Demystifying Robot Diffusion Policies: Action Memorization and a Simple Lookup Table Alternative
Abstract
Diffusion policies for visuomotor robot manipulation tasks achieve remarkable dexterity and robustness while only training on a small number of task demonstrations. However, the reason for this performance remains a mystery. In this paper, we offer a surprising hypothesis: diffusion policies essentially memorize an action lookup table---\emph{and this is beneficial}. We posit that, at runtime, diffusion policies find the closest training image to the test image in a latent space, and recall the associated training action (i.e. action chunk), offering reactivity without the need for action generalization. This is effective in the sparse data regime, where there is not enough data density for the model to learn action generalization. We support this claim with systematic empirical evidence, showing that even when conditioned on highly out of distribution (OOD) images, Diffusion Policy still outputs an action chunk from the training data. We evaluate and compare three representative policy families on the same data set: Diffusion Policy, Action Chunking with Transformers (ACT), and GR00T, a pre-trained generalist Vision-Language-Action (VLA) model. We show that Diffusion Policy gives strong action memorization giving surprising robustness in OOD regimes, ACT shows action interpolation with poor robustness in OOD regimes, and GR00T (benefiting from substantial pre-training) shows both action interpolation and OOD robustness.
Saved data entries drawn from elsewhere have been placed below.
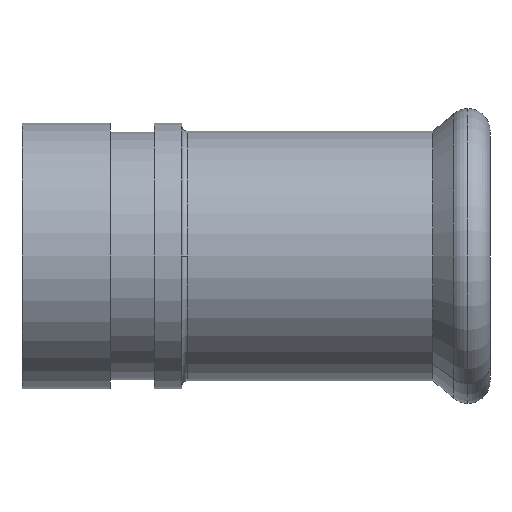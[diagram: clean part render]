
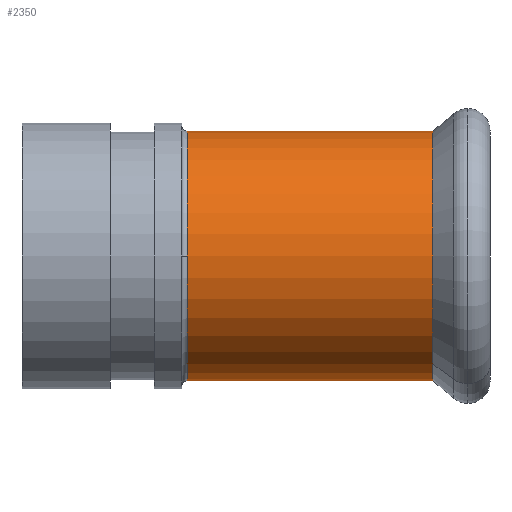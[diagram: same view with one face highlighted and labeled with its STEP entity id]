
A CAD part, front view. The second image highlights one B-rep face of the part: STEP entity #2350.
In plain terms, the highlighted cylindrical face has radius 22.65 mm (diameter 45.3 mm), a partial arc.
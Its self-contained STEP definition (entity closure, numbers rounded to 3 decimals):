
#1550=CARTESIAN_POINT('',(511.394,-209.596,
0.));
#1560=DIRECTION('',(1.,0.,0.));
#1570=DIRECTION('',(0.,0.5,
0.866));
#1580=AXIS2_PLACEMENT_3D('',#1550,#1560,#1570);
#1590=CIRCLE('',#1580,22.65);
#1600=CARTESIAN_POINT('',(511.394,-220.921,
-19.615));
#1610=VERTEX_POINT('',#1600);
#1620=CARTESIAN_POINT('',(511.394,-209.596,-22.65));
#1630=VERTEX_POINT('',#1620);
#1640=EDGE_CURVE('',#1610,#1630,#1590,.T.);
#1960=CARTESIAN_POINT('',(490.97,-209.596,
0.));
#1970=DIRECTION('',(1.,0.,0.));
#1980=DIRECTION('',(0.,-0.,-1.));
#1990=AXIS2_PLACEMENT_3D('',#1960,#1970,#1980);
#2000=CYLINDRICAL_SURFACE('',#1990,22.65);
#2010=CARTESIAN_POINT('',(490.97,-209.596,22.65));
#2020=DIRECTION('',(1.,0.,0.));
#2030=VECTOR('',#2020,1.);
#2040=LINE('',#2010,#2030);
#2050=CARTESIAN_POINT('',(466.818,-209.596,22.65));
#2060=VERTEX_POINT('',#2050);
#2070=CARTESIAN_POINT('',(511.394,-209.596,22.65));
#2080=VERTEX_POINT('',#2070);
#2090=EDGE_CURVE('',#2060,#2080,#2040,.T.);
#2100=ORIENTED_EDGE('',*,*,#2090,.F.);
#2110=EDGE_CURVE('',#2080,#1610,#1590,.T.);
#2120=ORIENTED_EDGE('',*,*,#2110,.F.);
#2130=ORIENTED_EDGE('',*,*,#1640,.F.);
#2140=CARTESIAN_POINT('',(490.97,-209.596,-22.65));
#2150=DIRECTION('',(1.,0.,0.));
#2160=VECTOR('',#2150,1.);
#2170=LINE('',#2140,#2160);
#2180=CARTESIAN_POINT('',(466.818,-209.596,-22.65));
#2190=VERTEX_POINT('',#2180);
#2200=EDGE_CURVE('',#2190,#1630,#2170,.T.);
#2210=ORIENTED_EDGE('',*,*,#2200,.T.);
#2220=CARTESIAN_POINT('',(466.818,-209.596,
0.));
#2230=DIRECTION('',(1.,0.,0.));
#2240=DIRECTION('',(0.,-1.,0.));
#2250=AXIS2_PLACEMENT_3D('',#2220,#2230,#2240);
#2260=CIRCLE('',#2250,22.65);
#2270=CARTESIAN_POINT('',(466.818,-232.246,
0.));
#2280=VERTEX_POINT('',#2270);
#2290=EDGE_CURVE('',#2280,#2190,#2260,.T.);
#2300=ORIENTED_EDGE('',*,*,#2290,.T.);
#2310=EDGE_CURVE('',#2060,#2280,#2260,.T.);
#2320=ORIENTED_EDGE('',*,*,#2310,.T.);
#2330=EDGE_LOOP('',(#2320,#2300,#2210,#2130,#2120,#2100));
#2340=FACE_OUTER_BOUND('',#2330,.T.);
#2350=ADVANCED_FACE('',(#2340),#2000,.T.);
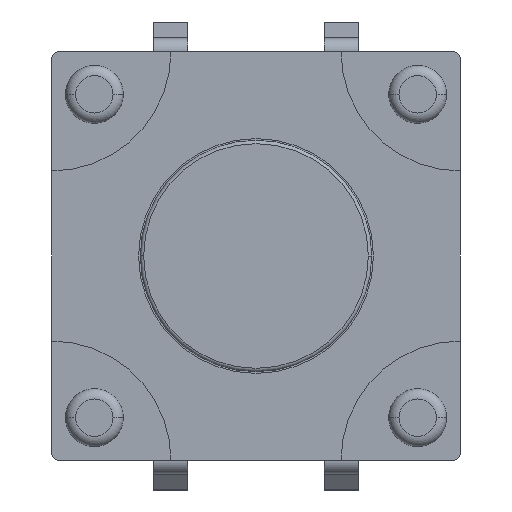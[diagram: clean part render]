
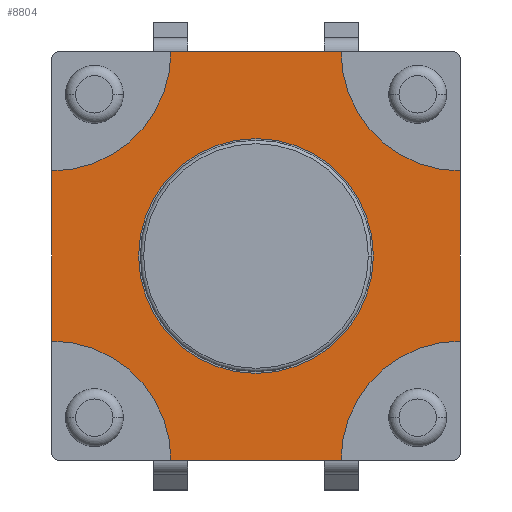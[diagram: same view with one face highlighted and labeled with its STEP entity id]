
A CAD part, front view. The second image highlights one B-rep face of the part: STEP entity #8804.
In plain terms, the highlighted planar face has unit normal (0, -1, 0).
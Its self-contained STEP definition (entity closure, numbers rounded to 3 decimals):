
#7835=CARTESIAN_POINT('',(0.,-2.,0.));
#7836=DIRECTION('',(0.,-1.,0.));
#7837=DIRECTION('',(-1.,0.,0.));
#7838=AXIS2_PLACEMENT_3D('',#7835,#7836,#7837);
#7843=CARTESIAN_POINT('',(0.,-2.,0.));
#7844=DIRECTION('',(0.,-1.,0.));
#7845=DIRECTION('',(1.,0.,0.));
#7846=AXIS2_PLACEMENT_3D('',#7843,#7844,#7845);
#7851=DIRECTION('',(-1.,0.,0.));
#7852=VECTOR('',#7851,5.);
#7853=CARTESIAN_POINT('',(2.5,-2.,-6.));
#7854=LINE('',#7853,#7852);
#7858=DIRECTION('',(0.,0.,1.));
#7859=VECTOR('',#7858,5.);
#7860=CARTESIAN_POINT('',(-6.,-2.,-2.5));
#7861=LINE('',#7860,#7859);
#7865=DIRECTION('',(1.,0.,0.));
#7866=VECTOR('',#7865,5.);
#7867=CARTESIAN_POINT('',(-2.5,-2.,6.));
#7868=LINE('',#7867,#7866);
#7872=DIRECTION('',(0.,0.,-1.));
#7873=VECTOR('',#7872,5.);
#7874=CARTESIAN_POINT('',(6.,-2.,2.5));
#7875=LINE('',#7874,#7873);
#8231=CARTESIAN_POINT('',(6.,-2.,-6.));
#8232=DIRECTION('',(0.,1.,0.));
#8233=DIRECTION('',(-1.,0.,0.));
#8234=AXIS2_PLACEMENT_3D('',#8231,#8232,#8233);
#8239=CARTESIAN_POINT('',(6.,-2.,6.));
#8240=DIRECTION('',(0.,1.,0.));
#8241=DIRECTION('',(0.,0.,-1.));
#8242=AXIS2_PLACEMENT_3D('',#8239,#8240,#8241);
#8247=CARTESIAN_POINT('',(-6.,-2.,6.));
#8248=DIRECTION('',(0.,1.,0.));
#8249=DIRECTION('',(1.,0.,0.));
#8250=AXIS2_PLACEMENT_3D('',#8247,#8248,#8249);
#8255=CARTESIAN_POINT('',(-6.,-2.,-6.));
#8256=DIRECTION('',(0.,1.,0.));
#8257=DIRECTION('',(0.,0.,1.));
#8258=AXIS2_PLACEMENT_3D('',#8255,#8256,#8257);
#8491=CARTESIAN_POINT('',(-3.45,-2.,0.));
#8492=CARTESIAN_POINT('',(3.45,-2.,0.));
#8493=VERTEX_POINT('',#8491);
#8494=VERTEX_POINT('',#8492);
#8575=CARTESIAN_POINT('',(2.5,-2.,-6.));
#8576=CARTESIAN_POINT('',(6.,-2.,-2.5));
#8577=VERTEX_POINT('',#8575);
#8578=VERTEX_POINT('',#8576);
#8579=CARTESIAN_POINT('',(-6.,-2.,-2.5));
#8580=CARTESIAN_POINT('',(-2.5,-2.,-6.));
#8581=VERTEX_POINT('',#8579);
#8582=VERTEX_POINT('',#8580);
#8583=CARTESIAN_POINT('',(-2.5,-2.,6.));
#8584=CARTESIAN_POINT('',(-6.,-2.,2.5));
#8585=VERTEX_POINT('',#8583);
#8586=VERTEX_POINT('',#8584);
#8587=CARTESIAN_POINT('',(6.,-2.,2.5));
#8588=CARTESIAN_POINT('',(2.5,-2.,6.));
#8589=VERTEX_POINT('',#8587);
#8590=VERTEX_POINT('',#8588);
#8777=CARTESIAN_POINT('',(0.,-2.,0.));
#8778=DIRECTION('',(0.,1.,0.));
#8779=DIRECTION('',(-1.,0.,0.));
#8780=AXIS2_PLACEMENT_3D('',#8777,#8778,#8779);
#8781=PLANE('',#8780);
#8783=ORIENTED_EDGE('',*,*,#8782,.T.);
#8785=ORIENTED_EDGE('',*,*,#8784,.F.);
#8787=ORIENTED_EDGE('',*,*,#8786,.T.);
#8789=ORIENTED_EDGE('',*,*,#8788,.F.);
#8791=ORIENTED_EDGE('',*,*,#8790,.T.);
#8793=ORIENTED_EDGE('',*,*,#8792,.F.);
#8795=ORIENTED_EDGE('',*,*,#8794,.T.);
#8797=ORIENTED_EDGE('',*,*,#8796,.F.);
#8798=EDGE_LOOP('',(#8783,#8785,#8787,#8789,#8791,#8793,#8795,#8797));
#8799=FACE_OUTER_BOUND('',#8798,.F.);
#8800=ORIENTED_EDGE('',*,*,#8757,.T.);
#8801=ORIENTED_EDGE('',*,*,#8771,.T.);
#8802=EDGE_LOOP('',(#8800,#8801));
#8803=FACE_BOUND('',#8802,.F.);
#7839=CIRCLE('',#7838,3.45);
#7847=CIRCLE('',#7846,3.45);
#8235=CIRCLE('',#8234,3.5);
#8243=CIRCLE('',#8242,3.5);
#8251=CIRCLE('',#8250,3.5);
#8259=CIRCLE('',#8258,3.5);
#8757=EDGE_CURVE('',#8493,#8494,#7839,.T.);
#8771=EDGE_CURVE('',#8494,#8493,#7847,.T.);
#8782=EDGE_CURVE('',#8577,#8582,#7854,.T.);
#8784=EDGE_CURVE('',#8581,#8582,#8259,.T.);
#8786=EDGE_CURVE('',#8581,#8586,#7861,.T.);
#8788=EDGE_CURVE('',#8585,#8586,#8251,.T.);
#8790=EDGE_CURVE('',#8585,#8590,#7868,.T.);
#8792=EDGE_CURVE('',#8589,#8590,#8243,.T.);
#8794=EDGE_CURVE('',#8589,#8578,#7875,.T.);
#8796=EDGE_CURVE('',#8577,#8578,#8235,.T.);
#8804=ADVANCED_FACE('',(#8799,#8803),#8781,.F.);
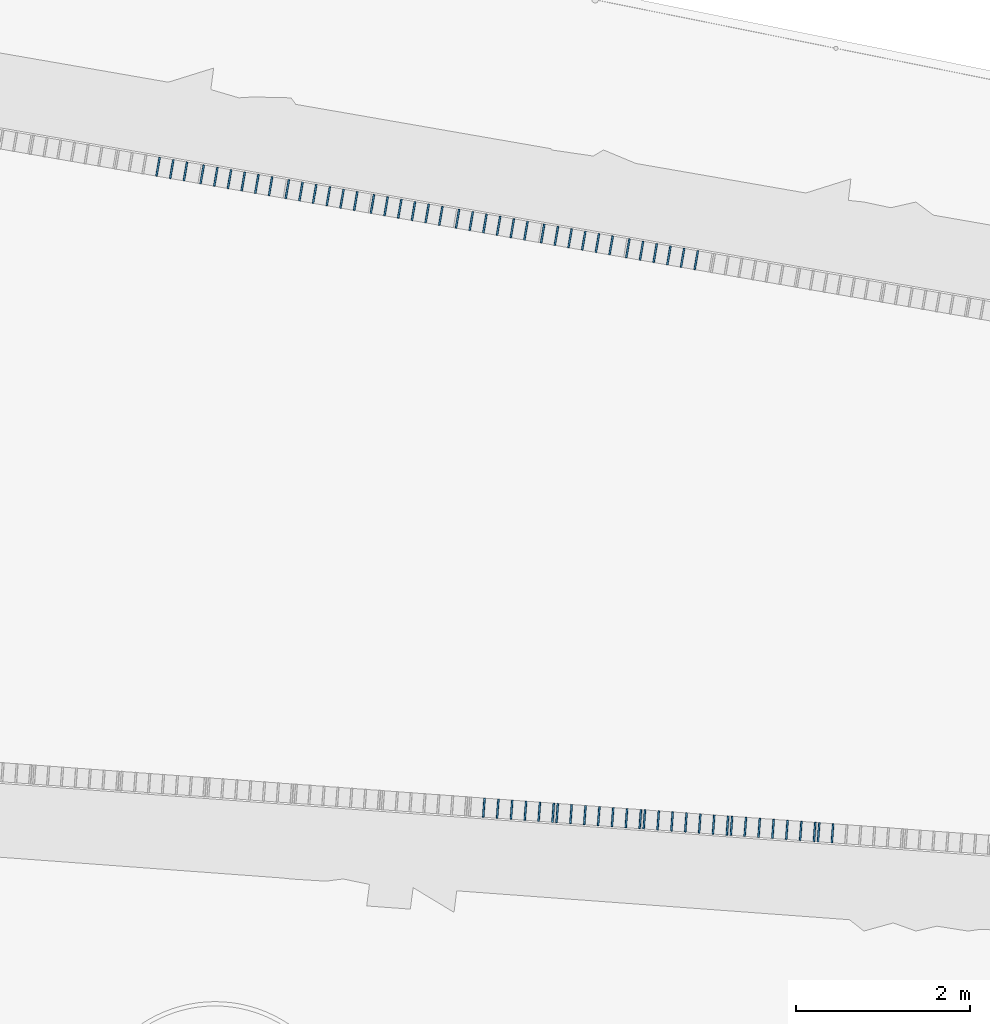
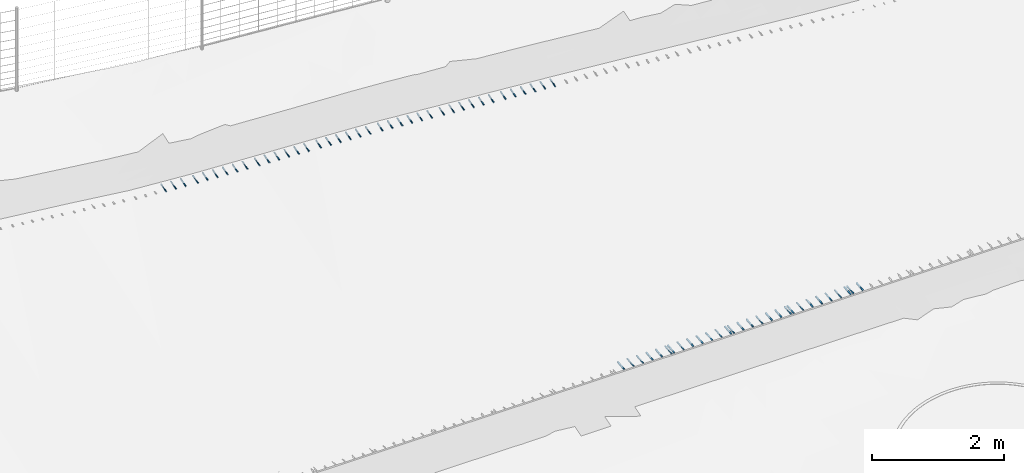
# Not in any storey, part 18 of 72: 68 members.
"""IFC4 model written with IfcOpenShell, lengths in metres."""

from ifc_helpers import new_model, si_unit, direction, frame, origin_with_axes, place, context, subcontext, project, spatial, rectangle, extrude, material, material_profile, profile_set, profile_usage, type_object, element, save


model = new_model("IFC4")

# Units and contexts
model_context = context("Model", 3, precision=1e-05, world=origin_with_axes(), true_north=direction((0.0, 1.0)))
body_context = subcontext(model_context, "Body", "Model", "MODEL_VIEW")
ifc_project = project(units=[si_unit("AREAUNIT", "SQUARE_METRE"), si_unit("VOLUMEUNIT", "CUBIC_METRE"), si_unit("LENGTHUNIT", "METRE")], contexts=[model_context])

# Site
site_placement = place(None, origin_with_axes())
site = spatial("IfcSite", under=ifc_project, at=site_placement, Name="Lares · Rua das Mercês · artigo 4771")

# Members
ifc_material = material(Name="Aço galvanizado / Stahl verzinkt", Category="steel")
ifc_material_profile = material_profile(ifc_material, rectangle(XDim=0.018, YDim=0.018))
ifc_profile_set = profile_set([ifc_material_profile], Name="R0.018")
ifc_profile_usage_1 = profile_usage(ifc_profile_set)
member_type = type_object("IfcMemberType", Name="R0.018 / galvanized", PredefinedType="NOTDEFINED", material=ifc_profile_set)
member_1_placement = place(site_placement, frame((63.9081223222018, 1.95257921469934, 15.0444120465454), z_axis=(0.0733052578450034, 0.997309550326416, 0.0), x_axis=(0.997309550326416, -0.0733052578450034, 0.0)))
element("IfcMember", 1, at=member_1_placement, inside=site, type_object=member_type, material=ifc_profile_usage_1, Name="Acesso · dreno lateral raso · grelha", context=body_context, shape_type="SweptSolid", body=[
    extrude(rectangle(XDim=0.018, YDim=0.018), origin_with_axes(), (0.0, 0.0, 1.0), 0.22),
])
ifc_profile_usage_2 = profile_usage(ifc_profile_set)
member_2_placement = place(site_placement, frame((64.067691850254, 1.94085037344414, 15.0536781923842), z_axis=(0.0733052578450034, 0.997309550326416, 0.0), x_axis=(0.997309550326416, -0.0733052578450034, 0.0)))
element("IfcMember", 2, at=member_2_placement, inside=site, type_object=member_type, material=ifc_profile_usage_2, Name="Acesso · dreno lateral raso · grelha", context=body_context, shape_type="SweptSolid", body=[
    extrude(rectangle(XDim=0.018, YDim=0.018), origin_with_axes(), (0.0, 0.0, 1.0), 0.22),
])
ifc_profile_usage_3 = profile_usage(ifc_profile_set)
member_3_placement = place(site_placement, frame((64.2272613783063, 1.92912153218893, 15.062944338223), z_axis=(0.0733052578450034, 0.997309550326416, 0.0), x_axis=(0.997309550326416, -0.0733052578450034, 0.0)))
element("IfcMember", 3, at=member_3_placement, inside=site, type_object=member_type, material=ifc_profile_usage_3, Name="Acesso · dreno lateral raso · grelha", context=body_context, shape_type="SweptSolid", body=[
    extrude(rectangle(XDim=0.018, YDim=0.018), origin_with_axes(), (0.0, 0.0, 1.0), 0.22),
])
ifc_profile_usage_4 = profile_usage(ifc_profile_set)
member_4_placement = place(site_placement, frame((64.3868309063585, 1.91739269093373, 15.0722104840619), z_axis=(0.0733052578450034, 0.997309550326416, 0.0), x_axis=(0.997309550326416, -0.0733052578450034, 0.0)))
element("IfcMember", 4, at=member_4_placement, inside=site, type_object=member_type, material=ifc_profile_usage_4, Name="Acesso · dreno lateral raso · grelha", context=body_context, shape_type="SweptSolid", body=[
    extrude(rectangle(XDim=0.018, YDim=0.018), origin_with_axes(), (0.0, 0.0, 1.0), 0.22),
])
ifc_profile_usage_5 = profile_usage(ifc_profile_set)
member_5_placement = place(site_placement, frame((64.5464004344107, 1.90566384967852, 15.0814766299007), z_axis=(0.0733052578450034, 0.997309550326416, 0.0), x_axis=(0.997309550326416, -0.0733052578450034, 0.0)))
element("IfcMember", 5, at=member_5_placement, inside=site, type_object=member_type, material=ifc_profile_usage_5, Name="Acesso · dreno lateral raso · grelha", context=body_context, shape_type="SweptSolid", body=[
    extrude(rectangle(XDim=0.018, YDim=0.018), origin_with_axes(), (0.0, 0.0, 1.0), 0.22),
])
ifc_profile_usage_6 = profile_usage(ifc_profile_set)
member_6_placement = place(site_placement, frame((64.7059699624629, 1.89393500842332, 15.0907427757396), z_axis=(0.0733052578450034, 0.997309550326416, 0.0), x_axis=(0.997309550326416, -0.0733052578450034, 0.0)))
element("IfcMember", 6, at=member_6_placement, inside=site, type_object=member_type, material=ifc_profile_usage_6, Name="Acesso · dreno lateral raso · grelha", context=body_context, shape_type="SweptSolid", body=[
    extrude(rectangle(XDim=0.018, YDim=0.018), origin_with_axes(), (0.0, 0.0, 1.0), 0.22),
])
ifc_profile_usage_7 = profile_usage(ifc_profile_set)
member_7_placement = place(site_placement, frame((64.7526489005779, 1.89050396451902, 15.0934534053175), z_axis=(0.0733052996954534, 0.997309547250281, 0.0), x_axis=(0.997309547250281, -0.0733052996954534, 0.0)))
element("IfcMember", 7, at=member_7_placement, inside=site, type_object=member_type, material=ifc_profile_usage_7, Name="Acesso · dreno lateral raso · grelha", context=body_context, shape_type="SweptSolid", body=[
    extrude(rectangle(XDim=0.018, YDim=0.018), origin_with_axes(), (0.0, 0.0, 1.0), 0.220000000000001),
])
ifc_profile_usage_8 = profile_usage(ifc_profile_set)
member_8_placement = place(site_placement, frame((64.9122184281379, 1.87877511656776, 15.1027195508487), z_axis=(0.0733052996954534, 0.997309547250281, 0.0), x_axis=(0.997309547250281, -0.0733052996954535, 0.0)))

As a simple alternative to Diffusion Policy, we introduce the Action Lookup Table (ALT) policy, showing that an explicit lookup table policy can perform comparably in this low data regime. Despite its simplicity, ALT attains Diffusion Policy–level performance while also providing faster inference and explicit OOD detection via latent-distance thresholds. These results reframe diffusion policies for robot manipulation as reactive memory retrieval under data sparsity, and provide practical tools for interpreting, evaluating, and monitoring such policies.